Commissioner of the Ethiopian Federal Ethics and Anti-Corruption Commission
- Incumbent
- Assumed office 9 October 2021
- President: Sahle-Work Zewde Taye Atske Selassie
- Prime Minister: Abiy Ahmed
- Preceded by: Tsega Arage

Minister of Science and Higher Education
- In office 18 August 2020 – 6 October 2021
- President: Sahle-Work Zewde
- Prime Minister: Abiy Ahmed
- Preceded by: Hirut Woldemariam

Ministry of Mines and Petroleum
- In office October 2018 – 18 August 2020
- President: Sahle-Work Zewde
- Prime Minister: Abiy Ahmed
- Preceded by: Melese Alemu
- Succeeded by: Takele Uma Banti

President of Wolaita Sodo University
- In office 2016 – October 2018

Personal details
- Alma mater: Hawassa University Mekelle University Kangwon National University Addis Abeba University University of Massachusetts Boston

= Samuel Urkato =

Ethiopian politician

Samuel Urkato Kurke (ሳሙኤል ኡርቃቶ ኩርኬ) is an Ethiopian politician who is serving as the commissioner of the Federal Ethics and Anti-Corruption Commission since 2021. He was president of Wolaita Sodo University in 2016 before becoming Ministry of Mines and Petroleum in 2018, and has been Minister of Science and Higher Education (MoSHE) from August 2020 until the ministry merge into Ministry of Education on 6 October 2021.

== Background ==
Samuel was born in Wolaita Sodo. He has a Bachelor of Arts in Economics from Hawassa University, Master of Arts in Economics (Development Policy Analysis) from Mekelle University, and attended a PhD exchange student program in Resource and Agricultural Economics at Kangwon National University, in South Korea. He attended a PhD exchange study at University of Massachusetts Boston in McCormack Graduate School of Policy and Global Studies, and completed his Doctor of Philosophy in the Addis Ababa University Department of Conflict Resolution, Human Security, and Global Governance.

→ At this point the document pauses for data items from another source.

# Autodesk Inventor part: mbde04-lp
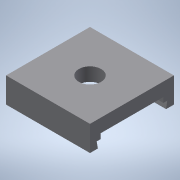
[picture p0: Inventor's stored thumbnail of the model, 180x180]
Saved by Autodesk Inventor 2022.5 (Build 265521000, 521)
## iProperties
Created: 2016-12
Part Number: mbde04-lp
Material: 一般
Document SubType Name: Modeling
Designer: imaocorp
Density: 1 g/cm^3
Appearance: 既定
Author: imaocorp
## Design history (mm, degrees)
node "mbde04-lp.x_t1"
node "160143"
node "Base1"
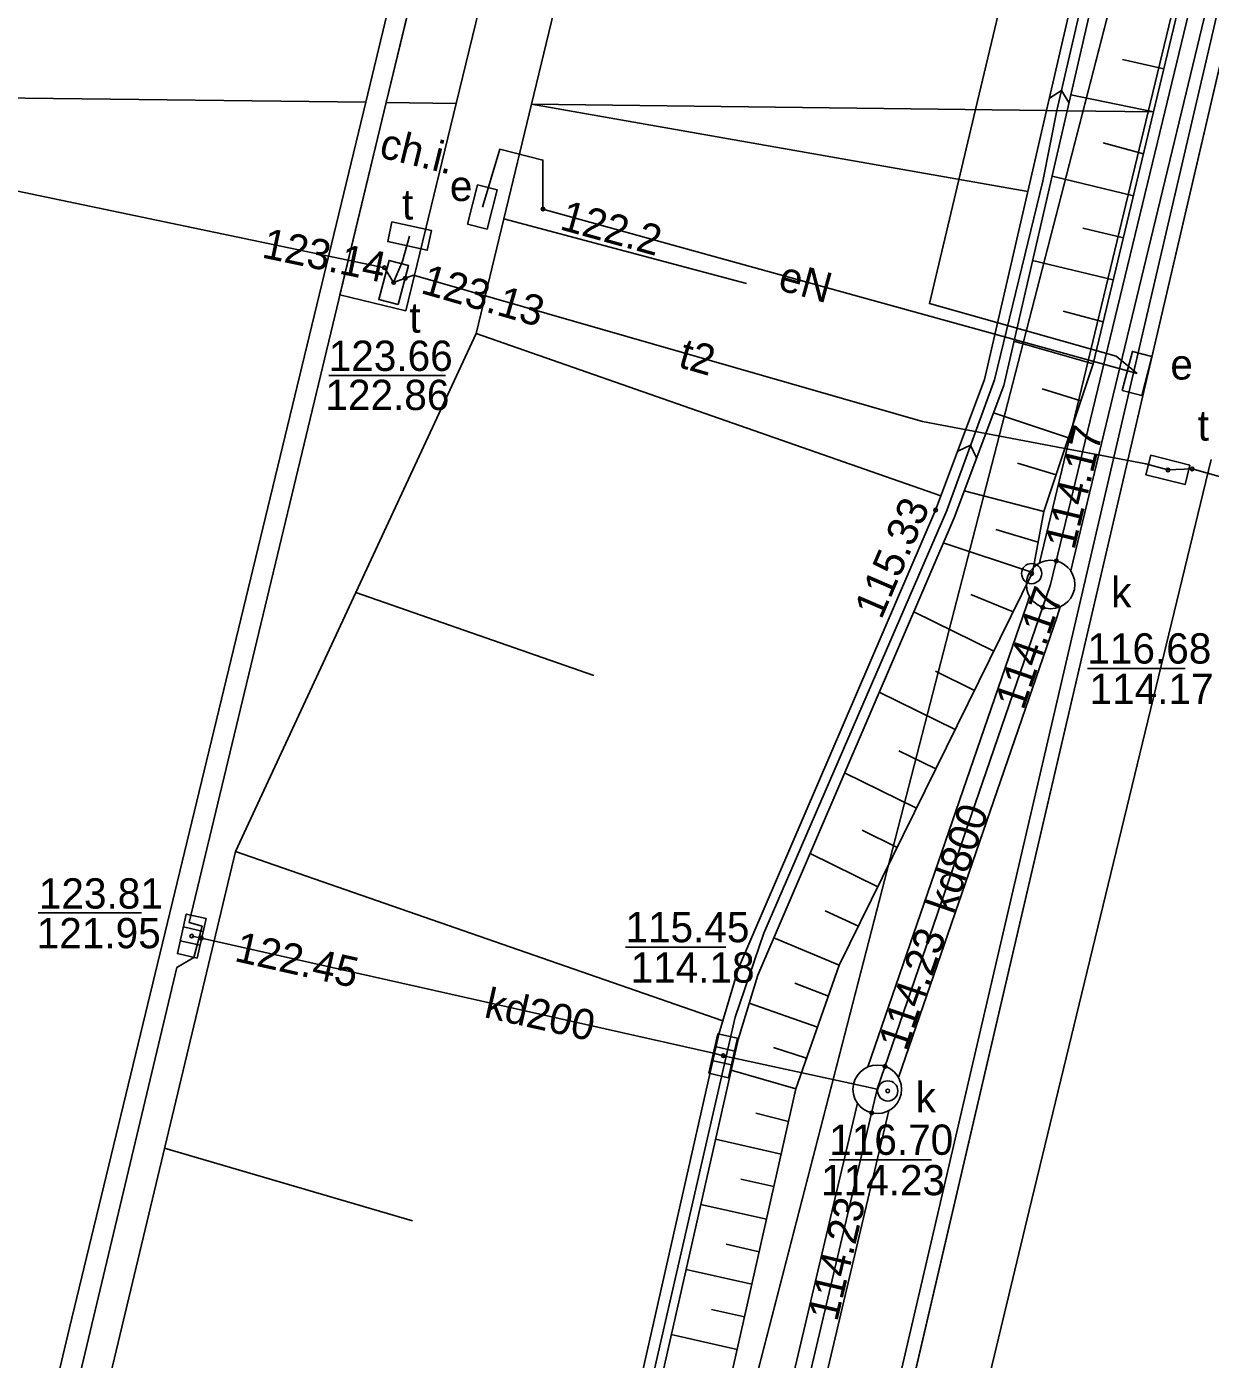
# Model space of a CAD drawing. Extents: x 6424617 to 6425697, y 5665845 to 5667190.
# Drawn here: x 6425313.55 to 6425342.83, y 5666283.39 to 5666316.36 of the extents above; entities that cross this region are included whole.
import ezdxf

# ---------------------------------------------------------------- set-up
doc = ezdxf.new("R2010")
doc.units = 0
for name, color, linetype in [('Warstwa 1', 7, 'Continuous'), ('Warstwa 12', 7, 'Continuous'), ('Warstwa 13', 7, 'Continuous'), ('Warstwa 14', 7, 'Continuous'), ('Warstwa 15', 7, 'Continuous'), ('Warstwa 16', 7, 'Continuous'), ('Warstwa 2', 7, 'Continuous'), ('Warstwa 20', 7, 'Continuous'), ('Warstwa 21', 7, 'Continuous'), ('Warstwa 25', 7, 'Continuous'), ('Warstwa 4', 7, 'Continuous'), ('Warstwa 5', 7, 'Continuous'), ('Warstwa 6', 7, 'Continuous'), ('Warstwa 61', 7, 'Continuous'), ('Warstwa 8', 7, 'Continuous'), ('Warstwa 9', 7, 'Continuous')]:
    doc.layers.add(name, color=color, linetype=linetype)

msp = doc.modelspace()

# ---------------------------------------------------------------- linework, layer by layer
at = {"layer": 'Warstwa 1'}
for p, q in [((6425328.388, 5666270.5), (6425353.441, 5666367.596)), ((6425328.388, 5666270.5), (6425353.441, 5666367.596)), ((6425325.89, 5666241.74), (6425352.06, 5666353.98)), ((6425325.89, 5666241.74), (6425352.06, 5666353.98))]:
    msp.add_line(p, q, dxfattribs=at)
at = {"layer": 'Warstwa 12'}
for points in [[(6425398.761, 5666563.583), (6425397.55, 5666559.5), (6425397.03, 5666557.16), (6425392.45, 5666536.96), (6425386, 5666508.09), (6425382.01, 5666490.27), (6425381.21, 5666479.99), (6425379.9, 5666475.3), (6425381.52, 5666474.89), (6425375.93, 5666454.14), (6425373.99, 5666454.38), (6425373.44, 5666451.82), (6425375.23, 5666451.4), (6425362.43, 5666401.17), (6425355.8, 5666402.66), (6425355.08, 5666402.04), (6425351.66, 5666389.66), (6425350.42, 5666384.46), (6425347.89, 5666373.29), (6425344.69, 5666359.22), (6425346.02, 5666355.28), (6425340.77, 5666330.04), (6425337.023, 5666314.31)], [(6425341.293, 5666314.258), (6425351.556, 5666356.819)], [(6425352.334, 5666356.631), (6425342.114, 5666314.249)], [(6425337.023, 5666314.31), (6425335.88, 5666309.51), (6425340.5, 5666308.21), (6425341.02, 5666307.78)], [(6425338.604, 5666303.093), (6425341.293, 5666314.258)], [(6425342.114, 5666314.249), (6425339.438, 5666303.145), (6425339.376, 5666302.897)], [(6425358.838, 5666300.979), (6425358.436, 5666301.076), (6425355.839, 5666301.623), (6425342.381, 5666305.421), (6425341.781, 5666305.394), (6425341.237, 5666305.542), (6425335.71, 5666306.592), (6425323.113, 5666310.211), (6425322.626, 5666310.032), (6425322.397, 5666310.399), (6425305.47, 5666313.931)], [(6425341.02, 5666307.78), (6425326.32, 5666311.85), (6425326.32, 5666313.06), (6425325.25, 5666313.33), (6425324.82, 5666311.9)], [(6425322.626, 5666310.032), (6425322.848, 5666310.561), (6425323.02, 5666311.182)], [(6425334.359, 5666290.624), (6425334.442, 5666290.861), (6425338.281, 5666302.028), (6425338.359, 5666302.262)], [(6425339.118, 5666302.009), (6425339.039, 5666301.772), (6425335.116, 5666290.359)], [(6425334.59, 5666290.07), (6425333.91, 5666290.22), (6425331.02, 5666290.85), (6425330.78, 5666290.9), (6425330.54, 5666290.96), (6425317.87, 5666293.81), (6425317.63, 5666293.86)], [(6425320.019, 5666230.08), (6425320.081, 5666230.334), (6425334.098, 5666289.726)], [(6425334.876, 5666289.542), (6425320.859, 5666230.146), (6425320.795, 5666229.889)]]:
    msp.add_lwpolyline(points, dxfattribs=at)
at = {"layer": 'Warstwa 14'}
for p, q in [((6425323.909, 5666307.735), (6425321.022, 5666307.735)), ((6425339.79, 5666300.478), (6425342.208, 5666300.478)), ((6425316.386, 5666294.435), (6425313.829, 5666294.435)), ((6425330.843, 5666293.585), (6425328.364, 5666293.585)), ((6425333.4, 5666288.323), (6425335.936, 5666288.323))]:
    msp.add_line(p, q, dxfattribs=at)
for centre in [(6425326.32, 5666311.85), (6425322.397, 5666310.399), (6425322.627, 5666310.032), (6425322.913, 5666310.138), (6425341.781, 5666305.394), (6425342.381, 5666305.421), (6425339.021, 5666303.143), (6425338.41, 5666302.83), (6425338.685, 5666301.993), (6425317.63, 5666293.86), (6425317.87, 5666293.81), (6425330.78, 5666290.9), (6425334.785, 5666290.637), (6425334.85, 5666290.03), (6425334.452, 5666289.486)]:
    msp.add_circle(centre, 0.045, dxfattribs=at)
at = {"layer": 'Warstwa 16'}
for centre in [(6425338.88, 5666302.56), (6425334.59, 5666290.07)]:
    msp.add_circle(centre, 0.6, dxfattribs=at)
at = {"layer": 'Warstwa 2'}
for points in [[(6425342.431, 5666314.245), (6425342.9, 5666316.26), (6425351.432, 5666353.898), (6425342.677, 5666355.997), (6425354.705, 5666404.396), (6425364.488, 5666402.728), (6425382.828, 5666478.302), (6425401.605, 5666563.549)], [(6425303.473, 5666148.344), (6425306.362, 5666159.088), (6425314.292, 5666194.437), (6425325.907, 5666243.233), (6425342.431, 5666314.245)]]:
    msp.add_lwpolyline(points, dxfattribs=at)
at = {"layer": 'Warstwa 20'}
for points in [[(6425326.04, 5666314.442), (6425336.507, 5666357.769), (6425337.041, 5666371.794), (6425341.788, 5666390.934), (6425346.79, 5666410.35), (6425362.358, 5666467.618), (6425366.796, 5666476.821), (6425368.004, 5666481.671), (6425368.42, 5666492.007), (6425372.53, 5666509.068), (6425385.231, 5666561.556), (6425385.761, 5666563.74)], [(6425357.772, 5666382.553), (6425355.492, 5666383.194), (6425351.527, 5666369.131), (6425351.075, 5666355.185), (6425350.421, 5666351.646), (6425344.982, 5666329.077), (6425341.427, 5666314.257)], [(6425304.533, 5666236.23), (6425305.726, 5666241.337), (6425307.517, 5666249.107), (6425311.684, 5666266.587), (6425318.716, 5666295.95), (6425324.669, 5666308.767), (6425326.04, 5666314.442)], [(6425303.561, 5666155.601), (6425305.779, 5666165.581), (6425308.459, 5666179.937), (6425311.226, 5666193.042), (6425314.843, 5666210.522), (6425317.953, 5666224.34), (6425319.999, 5666234.617), (6425323.075, 5666247.035), (6425326.767, 5666264.304), (6425332.574, 5666290.078), (6425333.65, 5666293.139), (6425338.427, 5666302.856), (6425338.714, 5666304.362), (6425339.931, 5666308.021), (6425341.427, 5666314.257)]]:
    msp.add_lwpolyline(points, dxfattribs=at)
at = {"layer": 'Warstwa 21'}
for points in [[(6425338.781, 5666314.289), (6425342.093, 5666328.629), (6425347.916, 5666354.162), (6425348.109, 5666355.419), (6425348.432, 5666366.657), (6425348.554, 5666369.545), (6425350.265, 5666377.317), (6425350.911, 5666379.876), (6425351.627, 5666381.874), (6425353.464, 5666386.247), (6425353.858, 5666388.451), (6425354.565, 5666392.214), (6425355.215, 5666394.983), (6425357.587, 5666405.034), (6425362.218, 5666424.397), (6425369.236, 5666451.879), (6425372.67, 5666465.301), (6425376.112, 5666474.212), (6425378.491, 5666484.102), (6425377.911, 5666489.644), (6425387.002, 5666528.883), (6425394.525, 5666561.078), (6425395.128, 5666563.627)], [(6425339.288, 5666314.283), (6425342.571, 5666328.52), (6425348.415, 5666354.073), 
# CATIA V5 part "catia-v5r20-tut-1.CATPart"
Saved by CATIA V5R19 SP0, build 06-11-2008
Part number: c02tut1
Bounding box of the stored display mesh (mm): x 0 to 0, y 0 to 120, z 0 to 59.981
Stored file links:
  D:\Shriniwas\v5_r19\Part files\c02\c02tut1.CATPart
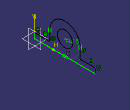
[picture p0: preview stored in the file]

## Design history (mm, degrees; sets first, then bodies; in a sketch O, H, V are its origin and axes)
Body1 (main body)
  Sketch1 on yz-plane, origin (0, 0, 0), H (0, 1, 0), V (0, 0, 1)
    line L1 (0, 0) -> (120, 0)
    line L2 (120, 0) -> (120, 10)
    line L3 (120, 10) -> (90, 10)
    line L4 (90, 10) -> (90, 30)
    arc A1 centre (60, 30) radius 30 from (90, 30) to (30, 30) ccw
    line L5 (30, 30) -> (30, 10)
    point P7 (30, 10)
    line L6 (30, 10) -> (0, 10)
    point P8 (0, 10)
    line L7 (0, 10) -> (0, 0)
    circle A2 centre (60, 30) radius 15
    radius A2 = 15
    horizontal: L1 H, L3 H, L6 H
    vertical: L2 V, L4 V, L7 V
    tangency: A1 L1, A1 L4, L5 A1
    coincidence: P7 L3, P8 V

Samuel became president of Wolaita Sodo University in 2016, before his direct nomination as Minister of Mines and Petroleum in October 2018 following national reform that held by Prime Minister Abiy Ahmed. On 18 August 2020, he became the Minister of Science and Higher Education following reshuffle of cabinet ministers. On 9 October 2021, he was elected as Commissioner of the Federal Ethics and Anti-Corruption Commission.